» **INSTRUCTIONS TO FOLLOW**:
Every line below that contains the word "under" must be copied.

» **INFORMATION SUPPLIED**:
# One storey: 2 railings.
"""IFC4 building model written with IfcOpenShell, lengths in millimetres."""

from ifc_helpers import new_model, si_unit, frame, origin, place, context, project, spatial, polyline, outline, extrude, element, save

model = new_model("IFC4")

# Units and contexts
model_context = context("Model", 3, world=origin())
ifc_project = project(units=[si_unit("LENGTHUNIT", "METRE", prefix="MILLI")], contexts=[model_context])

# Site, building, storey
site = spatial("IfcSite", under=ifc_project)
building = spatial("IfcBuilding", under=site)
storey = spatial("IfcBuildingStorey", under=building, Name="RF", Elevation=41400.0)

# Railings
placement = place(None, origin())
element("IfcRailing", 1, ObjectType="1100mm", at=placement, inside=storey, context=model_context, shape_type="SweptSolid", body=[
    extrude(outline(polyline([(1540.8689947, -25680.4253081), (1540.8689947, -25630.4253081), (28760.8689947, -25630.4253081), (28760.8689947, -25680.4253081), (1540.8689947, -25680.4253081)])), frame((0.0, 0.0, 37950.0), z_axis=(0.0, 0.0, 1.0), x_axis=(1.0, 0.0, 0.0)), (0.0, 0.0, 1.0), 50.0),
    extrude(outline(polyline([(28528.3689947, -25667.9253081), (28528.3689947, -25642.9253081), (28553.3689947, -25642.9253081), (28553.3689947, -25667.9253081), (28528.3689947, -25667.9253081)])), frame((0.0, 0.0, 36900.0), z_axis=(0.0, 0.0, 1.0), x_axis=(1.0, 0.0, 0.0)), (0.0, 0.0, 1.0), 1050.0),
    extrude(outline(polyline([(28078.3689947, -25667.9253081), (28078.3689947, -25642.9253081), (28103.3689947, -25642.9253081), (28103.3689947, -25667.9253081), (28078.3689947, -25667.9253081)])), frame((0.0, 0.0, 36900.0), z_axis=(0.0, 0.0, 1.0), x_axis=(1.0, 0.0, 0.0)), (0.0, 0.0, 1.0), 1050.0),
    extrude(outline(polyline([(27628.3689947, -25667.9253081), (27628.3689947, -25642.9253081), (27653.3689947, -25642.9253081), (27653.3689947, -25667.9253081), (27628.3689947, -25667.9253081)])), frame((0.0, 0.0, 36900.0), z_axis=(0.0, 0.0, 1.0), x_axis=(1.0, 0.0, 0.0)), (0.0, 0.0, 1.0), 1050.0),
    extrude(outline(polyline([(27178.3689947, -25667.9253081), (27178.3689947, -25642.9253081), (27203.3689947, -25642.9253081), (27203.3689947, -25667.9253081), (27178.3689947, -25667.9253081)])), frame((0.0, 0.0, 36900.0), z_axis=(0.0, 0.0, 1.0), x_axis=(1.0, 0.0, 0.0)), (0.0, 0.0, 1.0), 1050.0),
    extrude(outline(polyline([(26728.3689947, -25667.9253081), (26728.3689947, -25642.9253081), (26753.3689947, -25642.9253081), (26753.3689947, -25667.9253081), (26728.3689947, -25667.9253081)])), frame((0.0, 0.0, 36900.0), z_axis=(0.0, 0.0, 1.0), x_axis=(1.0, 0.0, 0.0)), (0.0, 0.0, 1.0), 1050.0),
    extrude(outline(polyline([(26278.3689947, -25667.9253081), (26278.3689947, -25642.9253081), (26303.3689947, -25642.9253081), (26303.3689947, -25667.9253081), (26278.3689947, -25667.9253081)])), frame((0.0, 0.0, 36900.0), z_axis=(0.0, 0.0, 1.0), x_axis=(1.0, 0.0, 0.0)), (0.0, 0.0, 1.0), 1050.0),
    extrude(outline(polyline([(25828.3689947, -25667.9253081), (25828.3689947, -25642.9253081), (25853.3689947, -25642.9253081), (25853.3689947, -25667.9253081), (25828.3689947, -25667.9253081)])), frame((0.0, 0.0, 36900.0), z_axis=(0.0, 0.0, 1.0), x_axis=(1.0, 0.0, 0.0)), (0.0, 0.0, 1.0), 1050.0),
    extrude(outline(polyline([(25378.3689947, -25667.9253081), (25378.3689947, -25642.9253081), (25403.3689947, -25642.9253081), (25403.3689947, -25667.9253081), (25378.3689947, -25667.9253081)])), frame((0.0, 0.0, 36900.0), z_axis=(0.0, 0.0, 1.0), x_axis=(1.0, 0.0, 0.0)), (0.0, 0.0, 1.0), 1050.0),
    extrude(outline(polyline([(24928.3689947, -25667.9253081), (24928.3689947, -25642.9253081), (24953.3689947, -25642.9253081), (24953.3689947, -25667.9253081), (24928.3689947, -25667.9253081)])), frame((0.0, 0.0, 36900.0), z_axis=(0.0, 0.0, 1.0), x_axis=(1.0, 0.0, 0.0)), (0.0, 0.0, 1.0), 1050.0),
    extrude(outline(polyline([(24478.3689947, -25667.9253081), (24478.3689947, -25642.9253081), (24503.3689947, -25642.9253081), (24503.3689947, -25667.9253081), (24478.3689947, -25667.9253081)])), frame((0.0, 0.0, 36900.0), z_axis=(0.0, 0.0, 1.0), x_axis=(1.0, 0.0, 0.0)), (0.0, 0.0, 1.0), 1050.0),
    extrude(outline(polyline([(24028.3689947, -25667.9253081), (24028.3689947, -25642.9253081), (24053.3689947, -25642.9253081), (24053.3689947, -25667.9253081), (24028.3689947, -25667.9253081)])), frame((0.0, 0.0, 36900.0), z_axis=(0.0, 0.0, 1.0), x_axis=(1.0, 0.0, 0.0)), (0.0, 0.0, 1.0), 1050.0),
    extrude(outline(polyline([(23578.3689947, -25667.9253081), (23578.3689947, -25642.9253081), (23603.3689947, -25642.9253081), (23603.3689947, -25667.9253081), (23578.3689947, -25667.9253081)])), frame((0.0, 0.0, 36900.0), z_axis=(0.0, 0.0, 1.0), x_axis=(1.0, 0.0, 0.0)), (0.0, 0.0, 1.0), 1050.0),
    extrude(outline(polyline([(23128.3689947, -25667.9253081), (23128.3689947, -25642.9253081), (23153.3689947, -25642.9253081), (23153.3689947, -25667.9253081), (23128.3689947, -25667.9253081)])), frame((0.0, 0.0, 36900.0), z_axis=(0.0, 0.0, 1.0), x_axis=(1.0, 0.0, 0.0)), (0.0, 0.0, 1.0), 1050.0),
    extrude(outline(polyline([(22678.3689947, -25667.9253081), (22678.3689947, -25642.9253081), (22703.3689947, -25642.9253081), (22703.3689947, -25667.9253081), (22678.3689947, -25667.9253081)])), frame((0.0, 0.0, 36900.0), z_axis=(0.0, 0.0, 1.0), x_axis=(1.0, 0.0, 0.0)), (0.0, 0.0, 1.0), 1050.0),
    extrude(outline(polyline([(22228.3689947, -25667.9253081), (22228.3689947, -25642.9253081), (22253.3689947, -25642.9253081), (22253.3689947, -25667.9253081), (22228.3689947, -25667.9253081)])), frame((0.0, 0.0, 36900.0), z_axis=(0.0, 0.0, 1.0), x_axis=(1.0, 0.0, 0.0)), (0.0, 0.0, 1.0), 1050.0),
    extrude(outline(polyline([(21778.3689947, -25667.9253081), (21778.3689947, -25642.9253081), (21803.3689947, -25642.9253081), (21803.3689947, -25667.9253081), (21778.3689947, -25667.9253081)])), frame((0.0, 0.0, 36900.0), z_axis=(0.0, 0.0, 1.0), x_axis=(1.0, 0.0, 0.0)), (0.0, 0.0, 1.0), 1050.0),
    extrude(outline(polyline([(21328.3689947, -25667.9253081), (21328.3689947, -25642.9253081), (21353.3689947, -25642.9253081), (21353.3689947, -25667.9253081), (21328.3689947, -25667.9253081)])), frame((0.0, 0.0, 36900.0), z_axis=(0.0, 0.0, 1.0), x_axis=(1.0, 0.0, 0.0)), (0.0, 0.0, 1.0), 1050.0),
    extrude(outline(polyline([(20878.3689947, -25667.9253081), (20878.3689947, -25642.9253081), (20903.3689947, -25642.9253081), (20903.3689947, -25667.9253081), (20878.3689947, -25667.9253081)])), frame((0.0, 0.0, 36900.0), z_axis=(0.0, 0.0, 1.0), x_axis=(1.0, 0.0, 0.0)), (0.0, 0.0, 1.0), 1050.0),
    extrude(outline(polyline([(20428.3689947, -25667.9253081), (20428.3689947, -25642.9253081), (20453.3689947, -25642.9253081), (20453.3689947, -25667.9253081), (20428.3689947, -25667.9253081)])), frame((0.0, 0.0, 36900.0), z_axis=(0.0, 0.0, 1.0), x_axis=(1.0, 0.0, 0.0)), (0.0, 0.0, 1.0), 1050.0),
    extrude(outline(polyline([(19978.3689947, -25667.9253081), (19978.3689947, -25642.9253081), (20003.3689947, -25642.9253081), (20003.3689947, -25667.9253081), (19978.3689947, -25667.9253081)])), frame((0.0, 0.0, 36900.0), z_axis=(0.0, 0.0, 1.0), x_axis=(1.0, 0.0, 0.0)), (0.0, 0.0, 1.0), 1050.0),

» **YOUR SOLUTION**:
site = spatial("IfcSite", under=ifc_project)
building = spatial("IfcBuilding", under=site)
storey = spatial("IfcBuildingStorey", under=building, Name="RF", Elevation=41400.0)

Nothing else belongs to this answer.